范修然神色恍惚,凝神看了片刻,没说认不认识,而是拧眉低头喝茶,许久才回。
“不曾见过。”
谢云昇愣了下,将画卷随意收起,神色冷凝几分。
“昨夜我在这女鬼身上放了道追踪符,眼下或许已经藏入了城主府中。为了府中安全,不知范城主可否应允我等借助几日?”
范修然面露迟疑,范难道:“城主府中有高阶阵法保护,等闲鬼怪进不来,是不是哪里出了纰漏。而且诸位有所不知,进来内子精神不太好,实在是见不得外人……”
【支线任务:留宿城主府】
鱼穗穗原本坐在一旁,当甩手掌柜,一心干饭,这会被它发布的支线任务打的措手不及。
鱼穗穗一打眼就知道,苏木晗和谢云昇脸皮薄,此番听道范修然推辞,顶多坚持到用完饭,就会主动起身拜别离开。
行动还未实施,就被鱼穗穗强硬的按压下。
鱼穗穗原本还指望,同她一样脸皮厚的池砚舟。
然而一转头,就看到他老大爷似的坐在那一副看好戏的模样,悠闲吃茶,对此事全然不为所动,想靠他周旋是绝无可能了。
没办法,鱼穗穗只能亲自下场。
“范城主你有所不知,那水鬼修为不菲,心性恶劣。而且极其狡诈!昨夜我和苏姐姐都曾被她重伤。万一真出事,城主一人定然护不过来,为了府中众人的安全起见,我们还是留在府上探查一番比较安全。”

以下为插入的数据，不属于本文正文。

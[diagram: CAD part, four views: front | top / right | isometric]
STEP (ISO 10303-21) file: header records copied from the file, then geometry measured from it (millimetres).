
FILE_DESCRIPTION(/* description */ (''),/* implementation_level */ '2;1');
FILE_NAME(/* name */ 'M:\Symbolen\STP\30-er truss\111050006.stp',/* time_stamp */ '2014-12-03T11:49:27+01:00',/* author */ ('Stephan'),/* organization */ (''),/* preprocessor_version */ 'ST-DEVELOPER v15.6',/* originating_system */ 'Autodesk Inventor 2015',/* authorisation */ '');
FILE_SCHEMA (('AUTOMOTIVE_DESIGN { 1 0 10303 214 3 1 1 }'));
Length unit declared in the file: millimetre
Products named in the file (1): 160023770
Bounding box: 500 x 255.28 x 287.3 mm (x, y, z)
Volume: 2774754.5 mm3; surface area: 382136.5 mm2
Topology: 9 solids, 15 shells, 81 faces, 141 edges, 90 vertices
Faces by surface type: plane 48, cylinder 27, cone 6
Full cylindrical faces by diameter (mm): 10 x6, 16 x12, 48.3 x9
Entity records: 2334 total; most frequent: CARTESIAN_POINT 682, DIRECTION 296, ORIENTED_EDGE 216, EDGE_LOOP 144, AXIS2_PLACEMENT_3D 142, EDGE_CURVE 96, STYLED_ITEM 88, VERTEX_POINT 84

鱼穗穗见他犹豫不觉,又下了一记猛药:“而且我阿兄会些医术,可以帮城主夫人想看一番。若城主实在放心不下,可将我们安置在同夫人最远的院落住下。白日里我们都会出府调查,同夫人活动的时间错开,因当碰不上的。”
此番算是堵住了他所有的借口。
他不留也得留了。
在谢云昇看来,鱼穗穗的做法实在有些强硬霸道,哪有强迫主人家留自己的,整张脸都羞的通红,打算帮范城主说话,却不想范修然略先叹了口气。
“也罢,那就有劳诸位小友了。”
“一点也不劳烦!”
“范城主客气。”
此事就这般定下。
之后谢云昇时不时找些话题,两人有一搭没一搭聊着。
范修然不太走心。
全程低头摆弄着蒸煮的茶具,还有木棉花。
将手中尽心挑选的,最鲜红丝血的木棉花去蒂,扯出花蕾,在一瓣瓣撕开扔入壶中。
谢云昇本就不是健谈的人。
对方兴致也不高,如果不是看鱼穗穗饿坏了,才硬着头皮同他瞎聊。
这会见鱼穗穗吃的差不多,就起了告辞的心思。
“时间不早……”
谢云昇未能说完,就被范修然打断。
“小友这般着急?”
“我这盏茶快要煮好了。这木棉花是我们木棉城的特色,几位小友还未喝过吧!不若等上片刻,尝过鲜后,我在命婢女带你们下去安置?”
谢云昇巡视几人后,点头。
“那便依范城主所言。”
一时间无人开口。
只有幽幽火苗颤动,还有茶水翻滚的声音。
确实没有等太久。
一盏茶的时间。
范修然便掀开了盖子,用勺子取茶水倒入杯中,逐个递给他们。